Hi, just about to embark on our first outing walking our new pup. I know this sounds stupid but how long should we walk him for ? Just a wee rough idea as I dont want to over exercise him and put and strain on his joints. I know you have to build it up gradually so any advice would be appreciated


----------



## kaisa624 (Mar 5, 2010)

For a 3 month old gsd I'd go for 15 mins twice a day. With larger dogs you have to be careful with their joints. I'd keep him on lead for now, and teaching him slowly to heel.
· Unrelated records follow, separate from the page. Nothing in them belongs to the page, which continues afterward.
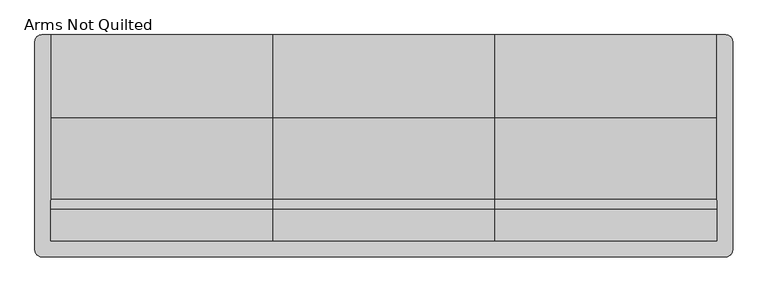
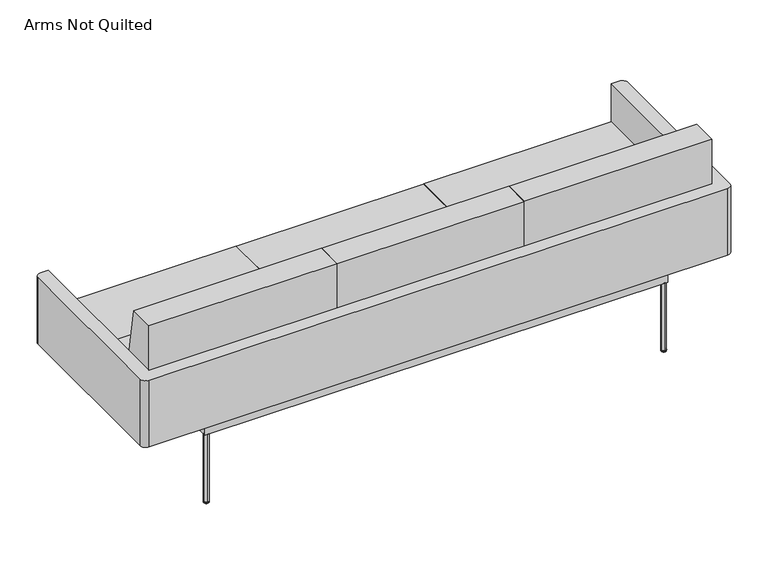
"""IFC4 building model written with IfcOpenShell, lengths in millimetres: furniture geometry, HermanMiller_Collection_Tuxedo_Sofa : Arms Not Quilted."""

from ifc_helpers import new_model, si_unit, point, frame, frame_2d, origin, place, context, project, spatial, polyline, circle_curve, ellipse_curve, trimmed, segment, composite_curve, outline, extrude, source, transform, mapped, element, save
from ifc_brep_helpers import plane_surface, revolved_surface, advanced_brep


def arms_not_quilted_b01c5f5b(model_context):
    return source(origin(), model_context, "Body", "SolidModel", [
        extrude(outline(polyline([(-172.790312, 570.0407405), (-172.790312, 357.1875), (-305.047338, 357.1875), (-305.047338, 761.9999879), (-204.8303749, 761.9999879), (-172.790312, 570.0407405)])), frame((355.8486449, 0.0, 0.0), z_axis=(1.0, 0.0, 0.0), x_axis=(0.0, 1.0, 0.0)), (0.0, 0.0, 1.0), 711.3174324),
        extrude(outline(polyline([(-204.8303749, 761.9999879), (-172.790312, 570.0407405), (-172.790312, 357.1875), (-305.047338, 357.1875), (-305.047338, 761.9999879), (-204.8303749, 761.9999879)])), frame((-1067.1660773, 0.0, 0.0), z_axis=(1.0, 0.0, 0.0), x_axis=(0.0, 1.0, 0.0)), (0.0, 0.0, 1.0), 711.3174324),
        extrude(outline(polyline([(-172.790312, 570.0407405), (-172.790312, 357.1875), (-305.047338, 357.1875), (-305.047338, 761.9999879), (-204.8303749, 761.9999879), (-172.790312, 570.0407405)])), frame((-354.5786449, 0.0, 0.0), z_axis=(1.0, 0.0, 0.0), x_axis=(0.0, 1.0, 0.0)), (0.0, 0.0, 1.0), 709.1572898),
        extrude(outline(polyline([(355.847338, 357.1875), (-172.790312, 357.1875), (-172.790312, 408.4192229), (89.4717005, 431.3641497), (355.847338, 431.3641497), (355.847338, 357.1875)])), frame((355.8486449, 0.0, 0.0), z_axis=(1.0, 0.0, 0.0), x_axis=(0.0, 1.0, 0.0)), (0.0, 0.0, 1.0), 711.3174324),
        extrude(outline(polyline([(355.847338, 431.3641497), (355.847338, 357.1875), (-172.790312, 357.1875), (-172.790312, 408.4192229), (89.4717005, 431.3641497), (355.847338, 431.3641497)])), frame((-1067.1660773, 0.0, 0.0), z_axis=(1.0, 0.0, 0.0), x_axis=(0.0, 1.0, 0.0)), (0.0, 0.0, 1.0), 711.3174324),
        extrude(outline(polyline([(355.847338, 357.1875), (-172.790312, 357.1875), (-172.790312, 408.4192229), (89.4717005, 431.3641497), (355.847338, 431.3641497), (355.847338, 357.1875)])), frame((-354.5786449, 0.0, 0.0), z_axis=(1.0, 0.0, 0.0), x_axis=(0.0, 1.0, 0.0)), (0.0, 0.0, 1.0), 709.1572898),
        advanced_brep(
        [(-862.2241883, 239.6951247, 0.0), (-866.0073712, 239.6951247, 0.0), (-869.7905542, 239.6951247, 0.0), (-856.4823712, 239.6951247, 3.1750001), (-875.5323712, 239.6951247, 3.1750001), (-856.351925, 239.6951247, 6.4931848), (-875.6628174, 239.6951247, 6.4931848), (-861.8574966, 239.6951247, 9.5049435), (-870.1572459, 239.6951247, 9.5049435), (-866.0073712, 239.6951247, 9.5049435)],
        [
            (0, 1),
            (1, 2),
            (2, 0, circle_curve(frame((-866.0073712, 239.6951247, 0.0), z_axis=(0.0, 0.0, -1.0), x_axis=(-1.0, 0.0, 0.0)), 3.783183)),
            (0, 2, circle_curve(frame((-866.0073712, 239.6951247, 0.0), z_axis=(0.0, 0.0, -1.0), x_axis=(-1.0, 0.0, 0.0)), 3.783183)),
            (3, 0, circle_curve(frame((-862.2241883, 239.6951247, 6.7793838), z_axis=(0.0, 1.0, 0.0), x_axis=(1.0, 0.0, 0.0)), 6.7793838)),
            (2, 4, circle_curve(frame((-869.7905542, 239.6951247, 6.7793838), z_axis=(0.0, 1.0, 0.0), x_axis=(-1.0, 0.0, 0.0)), 6.7793838)),
            (4, 3, circle_curve(frame((-866.0073712, 239.6951247, 3.1750001), z_axis=(0.0, 0.0, -1.0), x_axis=(-1.0, 0.0, 0.0)), 9.525)),
            (3, 4, circle_curve(frame((-866.0073712, 239.6951247, 3.1750001), z_axis=(0.0, 0.0, -1.0), x_axis=(-1.0, 0.0, 0.0)), 9.525)),
            (5, 3),
            (4, 6),
            (6, 5, circle_curve(frame((-866.0073712, 239.6951247, 6.4931848), z_axis=(0.0, 0.0, -1.0), x_axis=(-1.0, 0.0, 0.0)), 9.6554462)),
            (5, 6, circle_curve(frame((-866.0073712, 239.6951247, 6.4931848), z_axis=(0.0, 0.0, -1.0), x_axis=(-1.0, 0.0, 0.0)), 9.6554462)),
            (7, 5, circle_curve(frame((-861.8574966, 239.6951247, 2.9669016), z_axis=(0.0, 1.0, 0.0), x_axis=(1.0, 0.0, 0.0)), 6.5380418)),
            (6, 8, circle_curve(frame((-870.1572459, 239.6951247, 2.9669016), z_axis=(0.0, 1.0, 0.0), x_axis=(-1.0, 0.0, 0.0)), 6.5380418)),
            (8, 7, circle_curve(frame((-866.0073712, 239.6951247, 9.5049435), z_axis=(0.0, 0.0, -1.0), x_axis=(-1.0, 0.0, 0.0)), 4.1498747)),
            (7, 8, circle_curve(frame((-866.0073712, 239.6951247, 9.5049435), z_axis=(0.0, 0.0, -1.0), x_axis=(-1.0, 0.0, 0.0)), 4.1498747)),
            (9, 7),
            (8, 9),
        ],
        [
            plane_surface(frame((-866.0073712, 239.6951247, 0.0), z_axis=(0.0, 0.0, -1.0), x_axis=(-1.0, 0.0, 0.0))),
            revolved_surface(trimmed(ellipse_curve(frame((-869.7905542, 239.6951247, 6.7793838), z_axis=(0.0, 1.0, 0.0), x_axis=(-1.0, 0.0, 0.0)), 6.7793838, 6.7793838), [point((-869.7905542, 239.6951247, 0.0))], [point((-875.5323712, 239.6951247, 3.1750001))], True, "CARTESIAN"), (-866.0073712, 239.6951247, 2.4865786), (0.0, 0.0, 1.0)),
            revolved_surface(polyline([(-875.5323712, 239.6951247, 3.1750001), (-875.6628174, 239.6951247, 6.4931848)]), (-866.0073712, 239.6951247, 2.4865786), (0.0, 0.0, 1.0)),
            revolved_surface(trimmed(ellipse_curve(frame((-870.1572459, 239.6951247, 2.9669016), z_axis=(0.0, 1.0, 0.0), x_axis=(-1.0, 0.0, 0.0)), 6.5380418, 6.5380418), [point((-875.6628174, 239.6951247, 6.4931848))], [point((-870.1572459, 239.6951247, 9.5049435))], True, "CARTESIAN"), (-866.0073712, 239.6951247, 2.4865786), (0.0, 0.0, 1.0)),
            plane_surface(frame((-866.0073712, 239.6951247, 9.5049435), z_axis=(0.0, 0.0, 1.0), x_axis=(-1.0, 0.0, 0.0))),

However once or twice a week, I'd use a longer line and teach him recall  Even in the house you can teach him recall


----------



## sequeena (Apr 30, 2009)

I need GSD puppy pics!!! 

At that age Sky was walked for around 15 minutes twice a day  You have to build it up slowly as not to hurt their little legs and hip x


----------



## sketch (Sep 19, 2009)

I wouldnt walk too far on lead on hard surfaces, like road walks, limit that..
But i would encourage free play in the garden, other places where its safe to let him offlead and play, chances are at that age he aint going to run off lol.
But by free running, at puppy pace, letting im do his own speed will encourage muscle development on the gluteal muscles which will aid stability setting him up for healthy hips as he gets older.
I dont agree with walking little pups for long perios of time on tarmac etc, but like to encourage play trotting around off lead on grass areas to help development, but this is just my opinion.
xx

PS forgot to add, i dont let them walk up and down stairs at this age,. nor do i encourage pups to run around doing sharp turns etc, as this can damage there hips.


----------



## Guest (Apr 30, 2010)

Invest in a long line leash and take him to fields and nice surface areas to have a wonder and socialize as much as possible around as many people and new surroundings that he will encounter thru out his life ur puppy will always let u know when he is tired body language will tell u this so once he starts to trail behind u its a good idea to let him rest and sleep it off as they love to sleep and grow.


----------